EXERCISE:
Whichever lines include the word "ezdxf", copy them as they appear in the data.

RECORD SET:
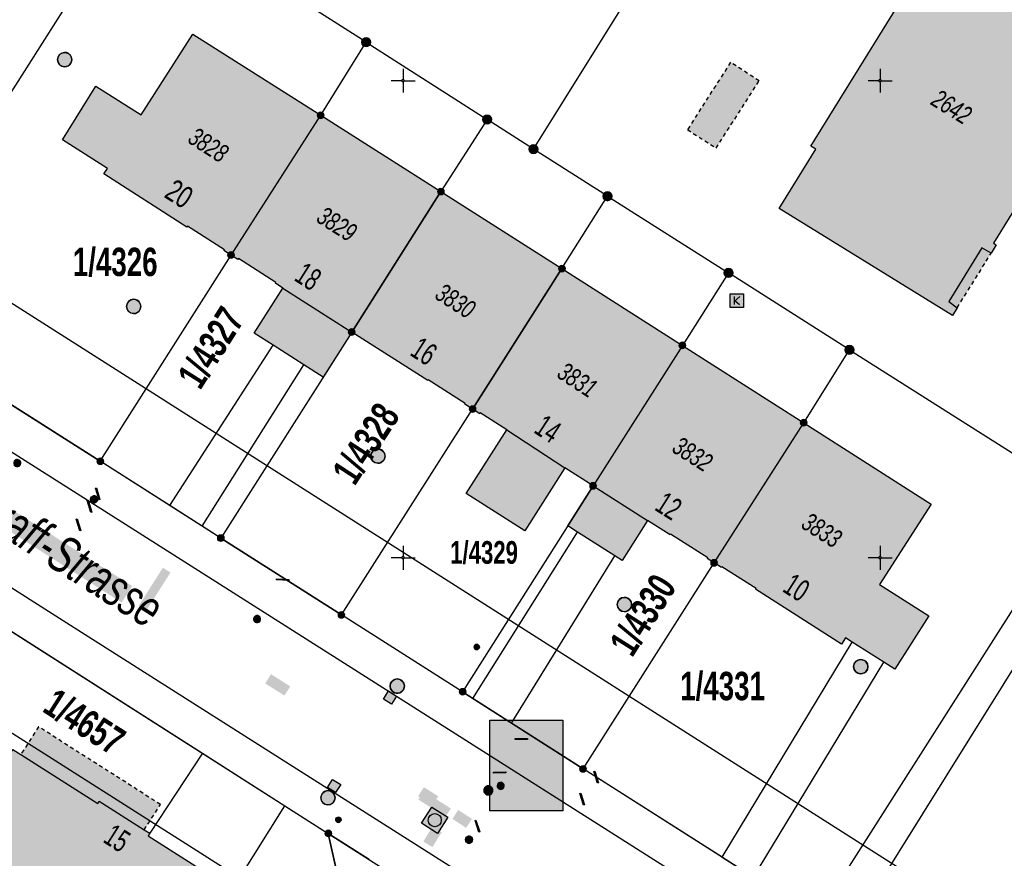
# Model space of a CAD drawing. Header units: metres. Extents: x 2695560 to 2696939, y 1260491 to 1262050.
# Tile 859 of 1005: x 2696231 to 2696282, y 1261659 to 1261703. Entities that reach past the tile are written whole.
import ezdxf

# ---------------------------------------------------------------- set-up
doc = ezdxf.new("R2010")
doc.units = ezdxf.units.M
doc.linetypes.add('AUSGEZOGEN', pattern=[0])
doc.linetypes.add('VERDECKT2_S2', pattern=[0.36, 0.2, -0.16])
for name, color, linetype in [('XR$1$AV_Flächen (EO)', 7, 'AUSGEZOGEN'), ('XR$1$AV_Gebäudeflächen (BB)', 7, 'AUSGEZOGEN'), ('XR$1$AV_Gebäudeflächen (EO)', 7, 'AUSGEZOGEN'), ('XR$1$AV_Grenzpunkte', 7, 'AUSGEZOGEN'), ('XR$1$AV_Grundstück-Nr.', 7, 'AUSGEZOGEN'), ('XR$1$AV_Haus-Nr.', 7, 'AUSGEZOGEN'), ('XR$1$AV_Koordinatennetzpunkte', 7, 'AUSGEZOGEN'), ('XR$1$AV_Linien (BB)', 7, 'AUSGEZOGEN'), ('XR$1$AV_Linien (EO)', 7, 'AUSGEZOGEN'), ('XR$1$AV_Strassennamen', 7, 'AUSGEZOGEN'), ('XR$1$AV_Versicherung-Nr.', 7, 'AUSGEZOGEN'), ('XR$1$AW_LK_Einlaufschacht alt', 24, 'AUSGEZOGEN'), ('XR$1$AW_LK_Schachtdeckel', 24, 'AUSGEZOGEN'), ('XR$1$EW_LK_Knoten', 1, 'AUSGEZOGEN'), ('XR$1$GA_LK_Absperrarmatur', 32, 'AUSGEZOGEN'), ('XR$1$GA_LK_Rohrleitungsteil', 32, 'AUSGEZOGEN'), ('XR$1$Liegenschaftsgrenzen', 7, 'AUSGEZOGEN'), ('XR$1$PFAV', 255, 'AUSGEZOGEN'), ('XR$1$PFAW', 255, 'AUSGEZOGEN'), ('XR$1$PFGA', 255, 'AUSGEZOGEN'), ('XR$1$PFWA', 255, 'AUSGEZOGEN'), ('XR$1$PFWFM', 255, 'AUSGEZOGEN'), ('XR$1$RAEW', 8, 'AUSGEZOGEN'), ('XR$1$RP_Abstandslinie', 7, 'AUSGEZOGEN'), ('XR$1$TV_LK_KNOTEN', 92, 'AUSGEZOGEN'), ('XR$1$WA_LK_Absperrarmatur', 171, 'AUSGEZOGEN'), ('XR$1$WA_LK_Rohrleitungsteil', 171, 'AUSGEZOGEN')]:
    doc.layers.add(name, color=color, linetype=linetype)
doc.styles.add('ARIAL', font='arial.ttf')

# ---------------------------------------------------------------- blocks, each defined once
blk = doc.blocks.new('BAV15')
at = {"layer": 'XR$1$PFAV', "transparency": 33554687}
blk.add_hatch(color=7, dxfattribs=at).paths.add_polyline_path([(0.5, 0), (0.49, 0.1), (0.46, 0.2), (0.41, 0.29), (0.34, 0.36), (0.26, 0.42), (0.17, 0.47), (0.08, 0.49), (-0.03, 0.5), (-0.13, 0.48), (-0.22, 0.45), (-0.31, 0.4), (-0.38, 0.33), (-0.44, 0.24), (-0.48, 0.15), (-0.5, 0.05), (-0.5, -0.05), (-0.48, -0.15), (-0.44, -0.24), (-0.38, -0.33), (-0.31, -0.4), (-0.22, -0.45), (-0.13, -0.48), (-0.03, -0.5), (0.08, -0.49), (0.17, -0.47), (0.26, -0.42), (0.34, -0.36), (0.41, -0.29), (0.46, -0.2), (0.49, -0.1)])
at = {"color": 7, "transparency": 33554687}
for start, end in [(90, 270), (270, 90)]:
    blk.add_arc((0, 0), 0.5, start, end, dxfattribs=at)
at = {"layer": 'XR$1$PFAV', "transparency": 33554687}
blk.add_circle((0, 0), 0.5, dxfattribs=at)
blk = doc.blocks.new('BAV2041')
at = {"color": 7, "transparency": 33554687}
for p, q in [((0, 0.5), (0, 0.05)), ((-0.05, 0), (-0.5, 0)), ((0.05, 0), (0.5, 0)), ((0, -0.05), (0, -0.5))]:
    blk.add_line(p, q, dxfattribs=at)
blk.add_circle((0, 0), 0.05, dxfattribs=at)
for start, end in [(90, 270), (270, 90)]:
    blk.add_arc((0, 0), 0.05, start, end, dxfattribs=at)
blk = doc.blocks.new('BAW2089')
at = {"layer": 'XR$1$PFAW', "transparency": 33554687}
blk.add_hatch(color=7, dxfattribs=at).paths.add_polyline_path([(-0.5, 0.5), (-0.5, -0.5), (0.5, -0.5), (0.5, 0.5)])
at = {"transparency": 33554687}
blk.add_lwpolyline([(-0.5, 0.5), (0.5, 0.5), (0.5, -0.5), (-0.5, -0.5), (-0.5, 0.5)], close=True, dxfattribs=at)
at = {"layer": 'XR$1$PFAW', "transparency": 33554687}
blk.add_lwpolyline([(-0.5, 0.5), (0.5, 0.5), (0.5, -0.5), (-0.5, -0.5), (-0.5, 0.5)], close=True, dxfattribs=at)
blk = doc.blocks.new('BAW2082')
at = {"layer": 'XR$1$PFAW', "transparency": 33554687}
blk.add_hatch(color=7, dxfattribs=at).paths.add_polyline_path([(0.509, -0.003), (0.499, 0.098), (0.469, 0.194), (0.42, 0.283), (0.354, 0.359), (0.274, 0.421), (0.183, 0.466), (0.085, 0.491), (-0.016, 0.496), (-0.116, 0.481), (-0.211, 0.446), (-0.297, 0.392), (-0.37, 0.323), (-0.428, 0.24), (-0.468, 0.147), (-0.488, 0.047), (-0.488, -0.054), (-0.468, -0.153), (-0.428, -0.246), (-0.37, -0.329), (-0.297, -0.398), (-0.211, -0.452), (-0.116, -0.487), (-0.016, -0.502), (0.085, -0.497), (0.183, -0.472), (0.274, -0.427), (0.354, -0.366), (0.42, -0.289), (0.469, -0.2), (0.499, -0.104)])
at = {"transparency": 33554687}
for start, end in [(91.19481, 268.80519), (268.80519, 91.19481)]:
    blk.add_arc((0.01, 0), 0.5, start, end, dxfattribs=at)
at = {"layer": 'XR$1$PFAW', "transparency": 33554687}
blk.add_circle((0.009, -0.003), 0.5, dxfattribs=at)
blk = doc.blocks.new('BAW2087')
at = {"lineweight": 25, "true_color": 0x000000, "transparency": 33554687}
h = blk.add_hatch(color=18, dxfattribs=at)
h.paths.add_polyline_path([(-0.5, 0.5), (-0.5, -0.5), (0.5, -0.5), (0.5, 0.5)])
h.paths.add_polyline_path([(0.337, -0.069), (0.316, -0.136), (0.282, -0.196), (0.237, -0.249), (0.182, -0.292), (0.119, -0.322), (0.052, -0.34), (-0.017, -0.343), (-0.086, -0.333), (-0.151, -0.309), (-0.21, -0.272), (-0.261, -0.224), (-0.301, -0.167), (-0.328, -0.103), (-0.342, -0.035), (-0.342, 0.035), (-0.328, 0.103), (-0.301, 0.167), (-0.261, 0.224), (-0.21, 0.272), (-0.151, 0.309), (-0.086, 0.333), (-0.017, 0.343), (0.052, 0.34), (0.119, 0.322), (0.182, 0.292), (0.237, 0.249), (0.282, 0.196), (0.316, 0.136), (0.337, 0.069), (0.344, 0)], flags=16)
at = {"layer": 'XR$1$PFAW', "lineweight": 25, "transparency": 33554687}
blk.add_hatch(color=7, dxfattribs=at).paths.add_polyline_path([(0.344, 0), (0.337, 0.069), (0.316, 0.136), (0.282, 0.196), (0.237, 0.249), (0.182, 0.292), (0.119, 0.322), (0.052, 0.34), (-0.017, 0.343), (-0.086, 0.333), (-0.151, 0.309), (-0.21, 0.272), (-0.261, 0.224), (-0.301, 0.167), (-0.328, 0.103), (-0.342, 0.035), (-0.342, -0.035), (-0.328, -0.103), (-0.301, -0.167), (-0.261, -0.224), (-0.21, -0.272), (-0.151, -0.309), (-0.086, -0.333), (-0.017, -0.343), (0.052, -0.34), (0.119, -0.322), (0.182, -0.292), (0.237, -0.249), (0.282, -0.196), (0.316, -0.136), (0.337, -0.069)])
at = {"lineweight": 25, "transparency": 33554687}
for p, q in [((-0.5, 0.5, 0.993), (0.5, 0.5, 0.993)), ((-0.5, -0.5, 0.993), (-0.5, 0.5, 0.993)), ((0.5, 0.5, 0.993), (0.5, -0.5, 0.993)), ((0.5, -0.5, 0.993), (-0.5, -0.5, 0.993))]:
    blk.add_line(p, q, dxfattribs=at)
blk.add_circle((0, 0), 0.344, dxfattribs=at)
at = {"layer": 'XR$1$PFAW', "lineweight": 25, "transparency": 33554687}
blk.add_line((-0.5, 0.5), (0.5, 0.5), dxfattribs=at)
at = {"layer": 'XR$1$PFAW', "color": 31, "lineweight": 25, "transparency": 33554687}
for p, q in [((-0.5, -0.5), (-0.5, 0.5)), ((0.5, 0.5), (0.5, -0.5)), ((0.5, -0.5), (-0.5, -0.5))]:
    blk.add_line(p, q, dxfattribs=at)
at = {"layer": 'XR$1$PFAW', "lineweight": 25, "transparency": 33554687}
blk.add_circle((0, 0), 0.344, dxfattribs=at)
blk = doc.blocks.new('BWA2013')
at = {"true_color": 0x000000, "transparency": 33554687}
blk.add_hatch(color=18, dxfattribs=at).paths.add_polyline_path([(-0.291, -0.409), (0.352, 0.357), (0.291, 0.409), (-0.352, -0.357)])
at = {"transparency": 33554687}
blk.add_lwpolyline([(-0.291, -0.409), (-0.352, -0.357), (0.291, 0.409), (0.352, 0.357), (-0.291, -0.409)], close=True, dxfattribs=at)
blk = doc.blocks.new('BWA965')
at = {"layer": 'XR$1$PFWA', "transparency": 33554687}
blk.add_hatch(color=7, dxfattribs=at).paths.add_polyline_path([(0, 0.5), (-0.05, 0.5), (-0.1, 0.49), (-0.15, 0.48), (-0.2, 0.46), (-0.24, 0.44), (-0.29, 0.41), (-0.33, 0.38), (-0.36, 0.34), (-0.4, 0.31), (-0.42, 0.26), (-0.45, 0.22), (-0.47, 0.17), (-0.48, 0.13), (-0.49, 0.08), (-0.5, 0.03), (-0.5, -0.03), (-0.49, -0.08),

RESPONSE TO THIS TASK:
import ezdxf
doc = ezdxf.new("R2010")
doc.units = ezdxf.units.M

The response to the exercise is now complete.